La recessione economica degli anni settanta, ha provocato una diminuzione
dell’assorbimento della forza lavoro da parte dei mercati esteri e nazionali e, quindi, un
aumento della disoccupazione.
Contemporaneamente è andata aumentando l’immigrazione proveniente specialmente
dai Paesi in via di sviluppo. Negli anni ottanta si è andata sempre più intensificando
l’immigrazione clandestina, favorita anche dalla posizione geografica del Paese: il
difficile controllo delle coste (data la loro estensione) incentiva l’ingresso clandestino di
africani, asiatici, balcanici, che cercano occasioni di lavoro in Italia e nei Paesi europei.
Attualmente, accanto ad una grande massa di disoccupati italiani, esiste una rilevante
massa di immigrati clandestini, utilizzati in mansioni rifiutate dai primi, senza
l’osservanza di norme previdenziali e di sicurezza (lavoro nero).
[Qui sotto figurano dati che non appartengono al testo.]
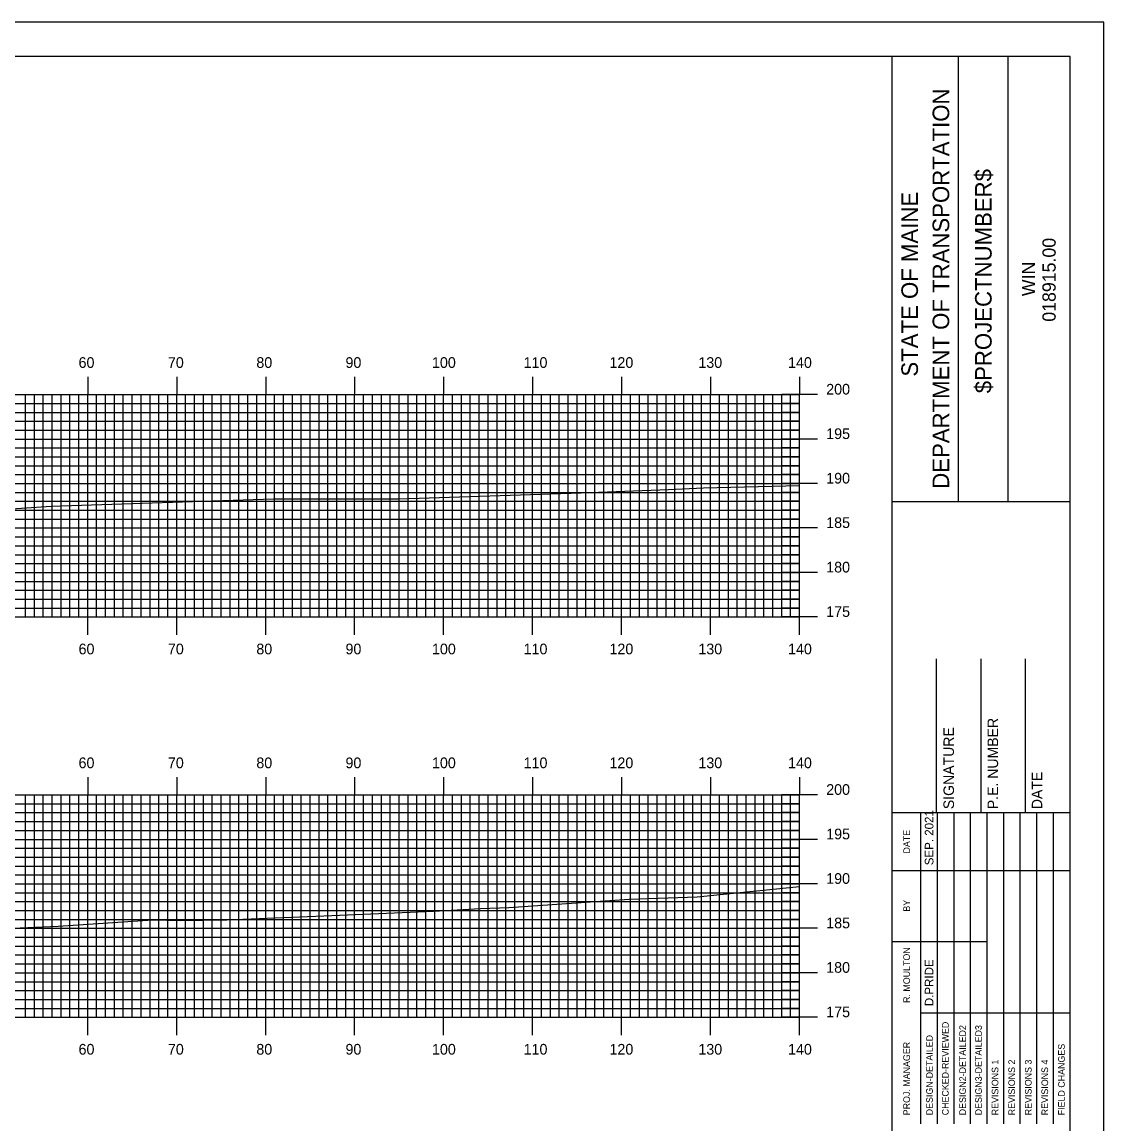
# Model space of a CAD drawing. Extents: x 1822785 to 1823129, y 442591 to 442811.
# Drawn here: x 1823003.9 to 1823125.5, y 442686.7 to 442810.5 of the extents above; entities that cross this region are included whole.
import ezdxf

# ---------------------------------------------------------------- set-up
doc = ezdxf.new("R2010")
doc.units = 0
for name, color, linetype in [('BORDER', 7, 'Continuous'), ('H_V ANNOTATION', 7, 'Continuous'), ('MAJOR', 7, 'Continuous'), ('MINOR', 7, 'Continuous'), ('PLOT BOUNDARY', 7, 'Continuous'), ('S_Roadway_Centerline', 7, 'Continuous')]:
    doc.layers.add(name, color=color, linetype=linetype)

msp = doc.modelspace()

# ---------------------------------------------------------------- linework, layer by layer
at = {"layer": 'BORDER'}
for p, q in [((1823101.68, 442596.67), (1823101.68, 442806.67)), ((1823109.14, 442756.66), (1823109.14, 442806.66)), ((1823114.73, 442756.66), (1823114.73, 442806.66)), ((1823101.68, 442756.65), (1823121.68, 442756.65)), ((1823106.68, 442721.67), (1823106.68, 442738.97)), ((1823111.68, 442721.67), (1823111.68, 442738.97)), ((1823116.68, 442721.67), (1823116.68, 442738.97)), ((1823101.68, 442721.67), (1823121.68, 442721.67))]:
    msp.add_line(p, q, dxfattribs=at)
msp.add_lwpolyline([(1822801.68, 442596.67), (1823121.68, 442596.67), (1823121.68, 442806.67), (1822801.68, 442806.67)], close=True, dxfattribs=at)
for points in [[(1823104.91, 442715.17), (1823104.91, 442721.67)], [(1823106.78, 442686.68), (1823106.78, 442721.67)], [(1823108.64, 442721.67), (1823108.64, 442686.68)], [(1823110.5, 442686.68), (1823110.5, 442721.67)], [(1823112.37, 442686.68), (1823112.37, 442721.67)], [(1823114.23, 442686.68), (1823114.23, 442721.67)], [(1823116.09, 442686.68), (1823116.09, 442721.67)], [(1823117.96, 442686.68), (1823117.96, 442721.67)], [(1823119.82, 442686.68), (1823119.82, 442721.67)], [(1823104.91, 442686.68), (1823104.91, 442720.26)], [(1823101.68, 442715.17), (1823121.68, 442715.17)], [(1823101.68, 442707.17), (1823104.91, 442707.17)], [(1823104.91, 442707.17), (1823112.37, 442707.17)], [(1823104.91, 442699.17), (1823121.68, 442699.17)]]:
    msp.add_lwpolyline(points, dxfattribs=at)
at = {"layer": 'MAJOR'}
for p, q in [((1823011.28, 442770.67), (1823011.28, 442768.67)), ((1823021.28, 442770.67), (1823021.28, 442768.67)), ((1823031.28, 442770.67), (1823031.28, 442768.67)), ((1823041.28, 442770.67), (1823041.28, 442768.67)), ((1823051.28, 442770.67), (1823051.28, 442768.67)), ((1823061.28, 442770.67), (1823061.28, 442768.67)), ((1823071.28, 442770.67), (1823071.28, 442768.67)), ((1823081.28, 442770.67), (1823081.28, 442768.67)), ((1823091.28, 442770.67), (1823091.28, 442768.67)), ((1822811.28, 442768.67), (1823091.28, 442768.67)), ((1822811.28, 442768.67), (1823091.28, 442768.67)), ((1823011.28, 442743.67), (1823011.28, 442768.67)), ((1823021.28, 442743.67), (1823021.28, 442768.67)), ((1823031.28, 442743.67), (1823031.28, 442768.67)), ((1823041.28, 442743.67), (1823041.28, 442768.67)), ((1823051.28, 442743.67), (1823051.28, 442768.67)), ((1823061.28, 442743.67), (1823061.28, 442768.67)), ((1823071.28, 442743.67), (1823071.28, 442768.67)), ((1823081.28, 442743.67), (1823081.28, 442768.67)), ((1823093.29, 442768.67), (1823089.28, 442768.67)), ((1823091.28, 442743.67), (1823091.28, 442768.67)), ((1823091.28, 442743.67), (1823091.28, 442768.67)), ((1822811.28, 442763.67), (1823091.28, 442763.67)), ((1823093.29, 442763.67), (1823089.28, 442763.67)), ((1822811.28, 442758.67), (1823091.28, 442758.67)), ((1823093.29, 442758.67), (1823089.28, 442758.67)), ((1822811.28, 442753.67), (1823091.28, 442753.67)), ((1823093.29, 442753.67), (1823089.28, 442753.67)), ((1822811.28, 442748.67), (1823091.28, 442748.67)), ((1823093.29, 442748.67), (1823089.28, 442748.67)), ((1822811.28, 442743.67), (1823091.28, 442743.67)), ((1822811.28, 442743.67), (1823091.28, 442743.67)), ((1823011.28, 442741.66), (1823011.28, 442743.67)), ((1823021.28, 442741.66), (1823021.28, 442743.67)), ((1823031.28, 442741.66), (1823031.28, 442743.67)), ((1823041.28, 442741.66), (1823041.28, 442743.67)), ((1823051.28, 442741.66), (1823051.28, 442743.67)), ((1823061.28, 442741.66), (1823061.28, 442743.67)), ((1823071.28, 442741.66), (1823071.28, 442743.67)), ((1823081.28, 442741.66), (1823081.28, 442743.67)), ((1823093.29, 442743.67), (1823089.28, 442743.67)), ((1823091.28, 442741.66), (1823091.28, 442743.67)), ((1823011.28, 442725.67), (1823011.28, 442723.67)), ((1823021.28, 442725.67), (1823021.28, 442723.67)), ((1823031.28, 442725.67), (1823031.28, 442723.67)), ((1823041.28, 442725.67), (1823041.28, 442723.67)), ((1823051.28, 442725.67), (1823051.28, 442723.67)), ((1823061.28, 442725.67), (1823061.28, 442723.67)), ((1823071.28, 442725.67), (1823071.28, 442723.67)), ((1823081.28, 442725.67), (1823081.28, 442723.67)), ((1823091.28, 442725.67), (1823091.28, 442723.67)), ((1822811.28, 442723.67), (1823091.28, 442723.67)), ((1822811.28, 442723.67), (1823091.28, 442723.67)), ((1823011.28, 442698.67), (1823011.28, 442723.67)), ((1823021.28, 442698.67), (1823021.28, 442723.67)), ((1823031.28, 442698.67), (1823031.28, 442723.67)), ((1823041.28, 442698.67), (1823041.28, 442723.67)), ((1823051.28, 442698.67), (1823051.28, 442723.67)), ((1823061.28, 442698.67), (1823061.28, 442723.67)), ((1823071.28, 442698.67), (1823071.28, 442723.67)), ((1823081.28, 442698.67), (1823081.28, 442723.67)), ((1823093.29, 442723.67), (1823089.28, 442723.67)), ((1823091.28, 442698.67), (1823091.28, 442723.67)), ((1823091.28, 442698.67), (1823091.28, 442723.67)), ((1822811.28, 442718.67), (1823091.28, 442718.67)), ((1823093.29, 442718.67), (1823089.28, 442718.67)), ((1822811.28, 442713.67), (1823091.28, 442713.67)), ((1823093.29, 442713.67), (1823089.28, 442713.67)), ((1822811.28, 442708.67), (1823091.28, 442708.67)), ((1823093.29, 442708.67), (1823089.28, 442708.67)), ((1822811.28, 442703.67), (1823091.28, 442703.67)), ((1823093.29, 442703.67), (1823089.28, 442703.67)), ((1822811.28, 442698.67), (1823091.28, 442698.67)), ((1822811.28, 442698.67), (1823091.28, 442698.67)), ((1823011.28, 442696.66), (1823011.28, 442698.67)), ((1823021.28, 442696.66), (1823021.28, 442698.67)), ((1823031.28, 442696.66), (1823031.28, 442698.67)), ((1823041.28, 442696.66), (1823041.28, 442698.67)), ((1823051.28, 442696.66), (1823051.28, 442698.67)), ((1823061.28, 442696.66), (1823061.28, 442698.67)), ((1823071.28, 442696.66), (1823071.28, 442698.67)), ((1823081.28, 442696.66), (1823081.28, 442698.67)), ((1823093.29, 442698.67), (1823089.28, 442698.67)), ((1823091.28, 442696.66), (1823091.28, 442698.67))]:
    msp.add_line(p, q, dxfattribs=at)
at = {"layer": 'MINOR'}
for p, q in [((1823004.28, 442743.67), (1823004.28, 442768.67)), ((1823005.28, 442743.67), (1823005.28, 442768.67)), ((1823006.28, 442743.67), (1823006.28, 442768.67)), ((1823007.28, 442743.67), (1823007.28, 442768.67)), ((1823008.28, 442743.67), (1823008.28, 442768.67)), ((1823009.28, 442743.67), (1823009.28, 442768.67)), ((1823010.28, 442743.67), (1823010.28, 442768.67)), ((1823012.28, 442743.67), (1823012.28, 442768.67)), ((1823013.28, 442743.67), (1823013.28, 442768.67)), ((1823014.28, 442743.67), (1823014.28, 442768.67)), ((1823015.28, 442743.67), (1823015.28, 442768.67)), ((1823016.28, 442743.67), (1823016.28, 442768.67)), ((1823017.28, 442743.67), (1823017.28, 442768.67)), ((1823018.28, 442743.67), (1823018.28, 442768.67)), ((1823019.28, 442743.67), (1823019.28, 442768.67)), ((1823020.28, 442743.67), (1823020.28, 442768.67)), ((1823022.28, 442743.67), (1823022.28, 442768.67)), ((1823023.28, 442743.67), (1823023.28, 442768.67)), ((1823024.28, 442743.67), (1823024.28, 442768.67)), ((1823025.28, 442743.67), (1823025.28, 442768.67)), ((1823026.28, 442743.67), (1823026.28, 442768.67)), ((1823027.28, 442743.67), (1823027.28, 442768.67)), ((1823028.28, 442743.67), (1823028.28, 442768.67)), ((1823029.28, 442743.67), (1823029.28, 442768.67)), ((1823030.28, 442743.67), (1823030.28, 442768.67)), ((1823032.28, 442743.67), (1823032.28, 442768.67)), ((1823033.28, 442743.67), (1823033.28, 442768.67)), ((1823034.28, 442743.67), (1823034.28, 442768.67)), ((1823035.28, 442743.67), (1823035.28, 442768.67)), ((1823036.28, 442743.67), (1823036.28, 442768.67)), ((1823037.28, 442743.67), (1823037.28, 442768.67)), ((1823038.28, 442743.67), (1823038.28, 442768.67)), ((1823039.28, 442743.67), (1823039.28, 442768.67)), ((1823040.28, 442743.67), (1823040.28, 442768.67)), ((1823042.28, 442743.67), (1823042.28, 442768.67)), ((1823043.28, 442743.67), (1823043.28, 442768.67)), ((1823044.28, 442743.67), (1823044.28, 442768.67)), ((1823045.28, 442743.67), (1823045.28, 442768.67)), ((1823046.28, 442743.67), (1823046.28, 442768.67)), ((1823047.28, 442743.67), (1823047.28, 442768.67)), ((1823048.28, 442743.67), (1823048.28, 442768.67)), ((1823049.28, 442743.67), (1823049.28, 442768.67)), ((1823050.28, 442743.67), (1823050.28, 442768.67)), ((1823052.28, 442743.67), (1823052.28, 442768.67)), ((1823053.28, 442743.67), (1823053.28, 442768.67)), ((1823054.28, 442743.67), (1823054.28, 442768.67)), ((1823055.28, 442743.67), (1823055.28, 442768.67)), ((1823056.28, 442743.67), (1823056.28, 442768.67)), ((1823057.28, 442743.67), (1823057.28, 442768.67)), ((1823058.28, 442743.67), (1823058.28, 442768.67)), ((1823059.28, 442743.67), (1823059.28, 442768.67)), ((1823060.28, 442743.67), (1823060.28, 442768.67)), ((1823062.28, 442743.67), (1823062.28, 442768.67)), ((1823063.28, 442743.67), (1823063.28, 442768.67)), ((1823064.28, 442743.67), (1823064.28, 442768.67)), ((1823065.28, 442743.67), (1823065.28, 442768.67)), ((1823066.28, 442743.67), (1823066.28, 442768.67)), ((1823067.28, 442743.67), (1823067.28, 442768.67)), ((1823068.28, 442743.67), (1823068.28, 442768.67)), ((1823069.28, 442743.67), (1823069.28, 442768.67)), ((1823070.28, 442743.67), (1823070.28, 442768.67)), ((1823072.28, 442743.67), (1823072.28, 442768.67)), ((1823073.28, 442743.67), (1823073.28, 442768.67)), ((1823074.28, 442743.67), (1823074.28, 442768.67)), ((1823075.28, 442743.67), (1823075.28, 442768.67)), ((1823076.28, 442743.67), (1823076.28, 442768.67)), ((1823077.28, 442743.67), (1823077.28, 442768.67)), ((1823078.28, 442743.67), (1823078.28, 442768.67)), ((1823079.28, 442743.67), (1823079.28, 442768.67)), ((1823080.28, 442743.67), (1823080.28, 442768.67)), ((1823082.28, 442743.67), (1823082.28, 442768.67)), ((1823083.28, 442743.67), (1823083.28, 442768.67)), ((1823084.28, 442743.67), (1823084.28, 442768.67)), ((1823085.28, 442743.67), (1823085.28, 442768.67)), ((1823086.28, 442743.67), (1823086.28, 442768.67)), ((1823087.28, 442743.67), (1823087.28, 442768.67)), ((1823088.28, 442743.67), (1823088.28, 442768.67)), ((1823089.28, 442743.67), (1823089.28, 442768.67)), ((1823090.28, 442743.67), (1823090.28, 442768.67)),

Questa situazione sociale causa l’aumento della criminalità di ogni genere, fenomeni di
razzismo, xenofobia, intolleranza.
In altre parole, si sono presentati gli stessi problemi degli altri Paesi europei
industrializzati, con l’aggravante che per l’Italia questa è una realtà nuova e la
popolazione ospitante deve ancora abituarsi a convivere con altri esseri di cultura,
razza, religione e costumi diversi dai propri.
Certamente quella odierna è un’Italia diversa da quella del 1948, quando entrò in vigore
l’attuale Costituzione repubblicana.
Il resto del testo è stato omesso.